Ten things I believe about Spiritual Care:

  1. I believe spiritual care must be financially accessible. All of my offerings are offered at a sliding scale with an openness to bartering and trading.

  2. I believe spiritual care must uphold the client’s agency. It is not my place to force my perspective of the spiritual world onto another person. I hold space and witness the spiritual reality as it is unfolding within the life of my client.

  3. I believe spiritual care is about liberation. If your spiritual care is perpetuating oppressive ideologies and systems of harm, then it is not care. It is abuse. Any spiritual tradition, just like people, can do harm and perpetuate violence. We must be mindful practitioners oriented towards collective liberation.

  4. I believe spiritual care feels therapeutic, but it is not a substitute for therapy. Spiritual care can be an experience of healing for many people. But it is not therapy, nor should it be used as a replacement for therapy. Though it is a compliment.

  5. I believe spiritual care holds a critical conversation around “healing.” I do not call myself a healer because that is not a word used in the traditions I carry, and I have immense respect for healers who continue to build the lineages and legacies of their traditions.
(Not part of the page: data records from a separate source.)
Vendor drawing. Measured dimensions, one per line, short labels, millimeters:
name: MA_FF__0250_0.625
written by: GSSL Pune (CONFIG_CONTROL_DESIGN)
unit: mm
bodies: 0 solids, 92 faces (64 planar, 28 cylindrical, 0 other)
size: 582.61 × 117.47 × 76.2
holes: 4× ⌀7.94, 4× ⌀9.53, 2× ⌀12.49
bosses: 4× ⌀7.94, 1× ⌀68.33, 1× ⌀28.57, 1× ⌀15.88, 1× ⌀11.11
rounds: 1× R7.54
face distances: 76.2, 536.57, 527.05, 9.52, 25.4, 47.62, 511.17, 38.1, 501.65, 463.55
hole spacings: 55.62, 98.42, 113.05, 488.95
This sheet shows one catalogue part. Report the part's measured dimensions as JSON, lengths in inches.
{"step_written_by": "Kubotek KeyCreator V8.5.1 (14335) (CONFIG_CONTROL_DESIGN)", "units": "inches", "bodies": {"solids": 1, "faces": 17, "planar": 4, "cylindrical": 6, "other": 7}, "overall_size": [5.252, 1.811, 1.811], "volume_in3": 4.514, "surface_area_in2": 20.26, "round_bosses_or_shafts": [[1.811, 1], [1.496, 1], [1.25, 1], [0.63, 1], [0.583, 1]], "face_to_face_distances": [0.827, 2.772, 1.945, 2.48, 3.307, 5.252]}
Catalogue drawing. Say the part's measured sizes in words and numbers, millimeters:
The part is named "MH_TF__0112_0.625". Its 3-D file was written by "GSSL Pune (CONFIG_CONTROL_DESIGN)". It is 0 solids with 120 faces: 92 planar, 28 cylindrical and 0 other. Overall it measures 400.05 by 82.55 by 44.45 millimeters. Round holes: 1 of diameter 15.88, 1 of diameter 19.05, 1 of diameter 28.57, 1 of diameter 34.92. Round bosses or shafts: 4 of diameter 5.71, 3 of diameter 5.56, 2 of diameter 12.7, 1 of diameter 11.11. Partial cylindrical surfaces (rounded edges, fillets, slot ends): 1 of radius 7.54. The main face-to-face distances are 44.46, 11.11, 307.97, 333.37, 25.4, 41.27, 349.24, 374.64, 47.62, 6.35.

I am also skeptical of the ableist, misogynistic, queerphobic, transphobic, racist, and fatphobic histories of “spiritual healing.” So, when I use the word “healing,” I am talking about the integration of one’s life experiences with their body, mind, and soul, that roots them in resiliency. I am not talking about “perfection,” “true self,” or “who we are suppose to be.”

  6. I believe spiritual care is about connection. Spirituality, as it’s been studied thus far, is proven to connect us to our sense of self, to others in our lives, to the collective reality, and to that which is larger than everything else (that which we might call “the Universe,” “Energy,” “God,” “Spirit,” or “the Divine”).

  7. I believe spiritual care does not require a belief in “God.” To find healing and empowerment through vulnerability and connection does not require a certain ascription to an organized religion. Many of the folks I serve don’t have a rigid or firm belief in any organized system of faith.

  8. I believe spiritual care can be joyful and absurd and queer! Often times, spiritual care conversations arrive out of moments of loss, grief, death, and trauma and that is true. Spiritual care, historically, has been the container for the emotions and experiences that are deemed “too much” by the secular world. And to that point, there is also joy, laughter, absurdity, and celebration in moments of spiritual care. Spiritual care is a paradox of “too much” emotions Grief-filled Joy, Laughing Sorrow, Celebration in the midst of Trauma and Pain. This paradox is just one of the mysteries of this work. Spiritual care is also queer in that it often opens the doors to the unexpected, the bizarre, the vulnerable, the horizons that we can never quite catch. It defies easy definitions and provides us with mystery.

  9. I believe spiritual care is about witnessing one’s life, not solving problems. In our capitalist world, we are taught to be problem solvers, and to solve problems as fast as possible. Spirituality does not seek to solve our problems. Spirituality, and spiritual care, is about witnessing our life, acknowledging and meeting the challenges and problems, and reflecting on our journeys as we move with them at whatever pace we move at.

  10. I believe spiritual care is an ever changing, twisting, turning, and unfolding journey, where the moment you think you have the path figured out the world twists and turns like a kaleidoscope. And you have to find your path all over again.